He was a nephew of Jean Alfred Gautier . He studied astronomy in Geneva and Paris with François Arago and Urbain Le Verrier . Under the direction of Le Verrier, he was involved in the calculations for the discovery of the planet Uranus . In 1847 he received his doctorate in Geneva as a Dr.

On August 3, 1849 he married Elizabeth-Pauline-Victorine Sarasin (born October 14, 1829).

Émile Gautier embarked on a military career and was chief instructor at the Écoles Federales de Genie Suisse from 1855 to 1859 . In 1865 he became a Swiss Engineer Colonel (Colonel in the General Staff) and as such was commissioned to secure the border during the Franco-Prussian War from 1870 to 1871.

From 1863 to 1878 he was mayor of Cologny and from 1868 to 1870 he was also a member of the Geneva Grand Council .

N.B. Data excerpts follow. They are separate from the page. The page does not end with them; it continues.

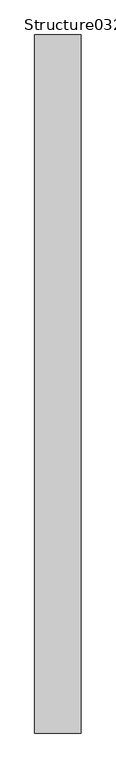
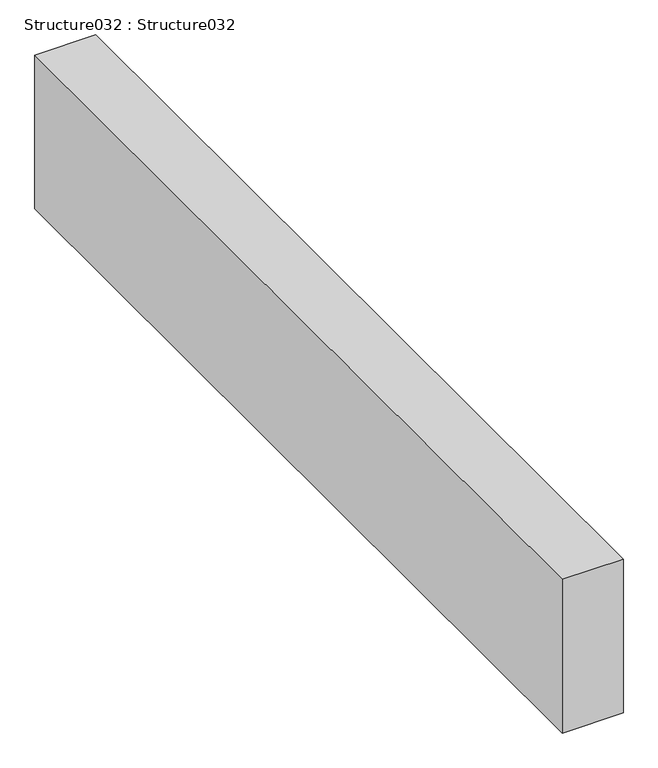
"""IFC4 building model written with IfcOpenShell, lengths in millimetres: proxy geometry, Structure032 : Structure032."""

import ifcopenshell
import ifcopenshell.guid

model = None  # the IFC model being written
_history = None  # IfcOwnerHistory: only IFC2X3 demands one
_inside = {}  # id of a spatial element -> (the spatial element, [elements in it])
_under = {}  # id of a project, library or spatial element -> (it, [spatial elements below it])
_declared = {}  # id of a project -> (the project, [libraries it declares])
_typed = {}  # id of a type object -> (the type object, [elements of that type])
_made_of = {}  # id of a material, layer set ... -> (it, [elements and type objects made of it])


def new_model(schema):
    """Start an empty IFC model of exactly this schema.

    Asked for "IFC4X3", IfcOpenShell would pick the latest addendum, in which some entities
    have other attributes; the version numbers below select the first issue.
    IFC2X3 requires an IfcOwnerHistory on every rooted entity: one is made here for all.
    """
    global model, _history
    if schema == "IFC4X3":
        model = ifcopenshell.file(schema_version=(4, 3, 0, 0))
    else:
        model = ifcopenshell.file(schema=schema)
    _inside.clear()
    _under.clear()
    _declared.clear()
    _typed.clear()
    _made_of.clear()
    _history = None
    if model.schema == "IFC2X3":
        org = make("IfcOrganization", Name="unknown")
        user = make(
            "IfcPersonAndOrganization",
            ThePerson=make("IfcPerson", FamilyName="unknown"),
            TheOrganization=org,
        )
        app = make(
            "IfcApplication",
            ApplicationDeveloper=org,
            Version="unknown",
            ApplicationFullName="unknown",
            ApplicationIdentifier="unknown",
        )
        _history = make(
            "IfcOwnerHistory",
            OwningUser=user,
            OwningApplication=app,
            ChangeAction="ADDED",
            CreationDate=0,
        )
    return model


def make(cls, **values):
    """One entity of the class cls with the attributes given. An attribute that is None is left unset."""
    return model.create_entity(
        cls, **{name: value for name, value in values.items() if value is not None}
    )


def rooted(cls, **values):
    """An entity with a GlobalId (a new one), such as an element, a storey or a relation."""
    return make(cls, GlobalId=ifcopenshell.guid.new(), OwnerHistory=_history, **values)


def si_unit(unit_type, name, prefix=None):
    """IfcSIUnit, for example si_unit("LENGTHUNIT", "METRE", prefix="MILLI")."""
    return make("IfcSIUnit", UnitType=unit_type, Prefix=prefix, Name=name)


def assignment(units):
    """IfcUnitAssignment: the units of a project."""
    return None if units is None else make("IfcUnitAssignment", Units=units)


def point(xyz):
    """IfcCartesianPoint."""
    return None if xyz is None else make("IfcCartesianPoint", Coordinates=xyz)


def direction(xyz):
    """IfcDirection."""
    return None if xyz is None else make("IfcDirection", DirectionRatios=xyz)


def frame(location, z_axis=None, x_axis=None):
    """IfcAxis2Placement3D, a coordinate frame: its origin and axes. An axis left out is left unset."""
    return make(
        "IfcAxis2Placement3D",
        Location=point(location),
        Axis=direction(z_axis),
        RefDirection=direction(x_axis),
    )


def origin():
    """The frame at (0, 0, 0) with its axes left unset."""
    return frame((0.0, 0.0, 0.0))


def place(relative_to, where):
    """IfcLocalPlacement: puts the frame where relative to a parent placement (None: the world)."""
    return make(
        "IfcLocalPlacement", PlacementRelTo=relative_to, RelativePlacement=where
    )


def context(
    kind, dimensions, precision=None, world=None, true_north=None, identifier=None
):
    """IfcGeometricRepresentationContext, for example the 3D "Model" context."""
    return make(
        "IfcGeometricRepresentationContext",
        ContextIdentifier=identifier,
        ContextType=kind,
        CoordinateSpaceDimension=dimensions,
        Precision=precision,
        WorldCoordinateSystem=world,
        TrueNorth=true_north,
    )


def project(units=None, contexts=None):
    """IfcProject with its units and contexts."""
    return rooted(
        "IfcProject",
        Name="project",
        RepresentationContexts=contexts,
        UnitsInContext=assignment(units),
    )


def spatial(cls, under=None, at=None, **own):
    """A site, building, storey or space (cls), placed at a placement, below another one or the project."""
    s = rooted(cls, ObjectPlacement=at, **own)
    if under is not None:
        _under.setdefault(under.id(), (under, []))[1].append(s)
    return s


def polyline(points):
    """IfcPolyline through the points."""
    return make("IfcPolyline", Points=[point(p) for p in points])


def outline(outer, holes=None, kind="AREA"):
    """IfcArbitraryClosedProfileDef: a profile drawn as a closed curve; with holes, ...WithVoids."""
    if holes is None:
        return make("IfcArbitraryClosedProfileDef", ProfileType=kind, OuterCurve=outer)
    return make(
        "IfcArbitraryProfileDefWithVoids",
        ProfileType=kind,
        OuterCurve=outer,
        InnerCurves=holes,
    )


def extrude(swept, where, along, depth):
    """IfcExtrudedAreaSolid: the profile swept, set in the frame where, extruded along a direction by depth."""
    return make(
        "IfcExtrudedAreaSolid",
        SweptArea=swept,
        Position=where,
        ExtrudedDirection=direction(along),
        Depth=depth,
    )


def shape(context_of_items, identifier, shape_type, items):
    """IfcShapeRepresentation: the items that make up one representation, for example the "Body"."""
    return make(
        "IfcShapeRepresentation",
        ContextOfItems=context_of_items,
        RepresentationIdentifier=identifier,
        RepresentationType=shape_type,
        Items=items,
    )


def source(mapping_origin, context_of_items, identifier, shape_type, items):
    """IfcRepresentationMap: a shape defined once, which mapped items show again and again."""
    return make(
        "IfcRepresentationMap",
        MappingOrigin=mapping_origin,
        MappedRepresentation=shape(context_of_items, identifier, shape_type, items),
    )


def transform(
    local_origin,
    x_axis=None,
    y_axis=None,
    z_axis=None,
    scale=None,
    scale2=None,
    scale3=None,
    uniform=True,
):
    """IfcCartesianTransformationOperator3D, or its non-uniform kind. x_axis, y_axis, z_axis: its Axis1, 2, 3."""
    if uniform:
        return make(
            "IfcCartesianTransformationOperator3D",
            Axis1=direction(x_axis),
            Axis2=direction(y_axis),
            LocalOrigin=point(local_origin),
            Scale=scale,
            Axis3=direction(z_axis),
        )
    return make(
        "IfcCartesianTransformationOperator3DnonUniform",
        Axis1=direction(x_axis),
        Axis2=direction(y_axis),
        LocalOrigin=point(local_origin),
        Scale=scale,
        Axis3=direction(z_axis),
        Scale2=scale2,
        Scale3=scale3,
    )


def mapped(mapping_source, mapping_target):
    """IfcMappedItem: shows the shape of a source again, moved by a transform."""
    return make(
        "IfcMappedItem", MappingSource=mapping_source, MappingTarget=mapping_target
    )


def made_of(thing, what):
    """Note that an element or type object is made of a material, layer set ...; save() writes the relation."""
    if what is not None:
        _made_of.setdefault(what.id(), (what, []))[1].append(thing)
    return thing


def element(
    cls,
    number,
    at=None,
    inside=None,
    cuts=None,
    type_object=None,
    material=None,
    context=None,
    identifier="Body",
    shape_type=None,
    held_by="IfcProductDefinitionShape",
    body=None,
    shapes=None,
    **own,
):
    """One element of the class cls, such as IfcWall. Its Tag is "e" and its number.

    at: its placement. inside: the storey or other place that contains it. cuts: it is an
    opening in that element (IfcRelVoidsElement). A single representation is given by context,
    identifier, shape_type and body (its items); several are given by shapes. held_by: the class
    of the entity that holds the representations. save() writes the other relations.
    """
    e = rooted(cls, Tag="e%d" % number, ObjectPlacement=at, **own)
    if body is not None:
        shapes = [shape(context, identifier, shape_type, body)]
    if shapes is not None:
        e.Representation = make(held_by, Representations=shapes)
    if inside is not None:
        _inside.setdefault(inside.id(), (inside, []))[1].append(e)
    if cuts is not None:
        rooted(
            "IfcRelVoidsElement", RelatingBuildingElement=cuts, RelatedOpeningElement=e
        )
    if type_object is not None:
        _typed.setdefault(type_object.id(), (type_object, []))[1].append(e)
    return made_of(e, material)


def aggregate(whole, parts):
    """IfcRelAggregates: a whole, such as a stair, and the parts it consists of."""
    return rooted("IfcRelAggregates", RelatingObject=whole, RelatedObjects=parts)


def save(model, path):
    """Write the relations noted so far, then the file.

    IfcRelAggregates (storeys below a building ...), IfcRelContainedInSpatialStructure (elements
    in a storey), IfcRelDefinesByType, IfcRelAssociatesMaterial and IfcRelDeclares: one each for
    every whole, place, type object, material and project.
    """
    for whole, parts in _under.values():
        aggregate(whole, parts)
    for where, things in _inside.values():
        rooted(
            "IfcRelContainedInSpatialStructure",
            RelatedElements=things,
            RelatingStructure=where,
        )
    for kind, things in _typed.values():
        rooted("IfcRelDefinesByType", RelatedObjects=things, RelatingType=kind)
    for what, things in _made_of.values():
        rooted("IfcRelAssociatesMaterial", RelatedObjects=things, RelatingMaterial=what)
    for by, libraries in _declared.values():
        rooted("IfcRelDeclares", RelatingContext=by, RelatedDefinitions=libraries)
    model.write(path)


def structure032_structure032_4a1b2fea(model_context):
    return source(origin(), model_context, "Body", "SweptSolid", [
        extrude(outline(polyline([(-4806.5557607, 7982.1531721), (-4939.9057607, 7982.1531721), (-4939.9057607, 9982.1531721), (-4806.5557607, 9982.1531721), (-4806.5557607, 7982.1531721)])), frame((0.0, 0.0, 43055.5617235), z_axis=(0.0, 0.0, 1.0), x_axis=(1.0, 0.0, 0.0)), (0.0, 0.0, 1.0), 355.6),
    ])


if __name__ == "__main__":
    model = new_model("IFC4")
    model_context = context("Model", 3, world=origin())
    ifc_project = project(units=[si_unit("LENGTHUNIT", "METRE", prefix="MILLI")], contexts=[model_context])
    site = spatial("IfcSite", under=ifc_project)
    building = spatial("IfcBuilding", under=site)
    placement = place(None, origin())
    structure032_structure032_shape = structure032_structure032_4a1b2fea(model_context)
    element("IfcBuildingElementProxy", 1, Name="Structure032 : Structure032", ObjectType="Structure032 : Structure032", at=placement, inside=building, context=model_context, shape_type="MappedRepresentation", body=[
        mapped(structure032_structure032_shape, transform((0.0, 0.0, 0.0), x_axis=(1.0, 0.0, 0.0), y_axis=(0.0, 1.0, 0.0), z_axis=(0.0, 0.0, 1.0))),
    ])
    save(model, "model.ifc")

# Revit data of these elements
# Type "Structure032 : Structure032"
#   NameOverride = "Structure032"
# Element 1 (IfcBuildingElementProxy, "Structure032 : Structure032")
#   Materials on its faces: "STRUCTURAL MEMBER (SEE STRUCTURAL DWGS)"
# Materials
#   "STRUCTURAL MEMBER (SEE STRUCTURAL DWGS)": class "Unassigned", colour RGB 176 134 95, transparency 0, Cost = 0

In 1860 he and Le Verrier observed the total solar eclipse in Spain. In Italy he took part in work on astronomical spectroscopy . In 1883 he became director of the Geneva observatory , where, among other things, he developed and directed the extensive chronometer service and observed solar prominences , of which he published the first drawings in 1871. He improved the meteorological equipment of the Geneva observatory and the observation station of the Great Saint Bernard .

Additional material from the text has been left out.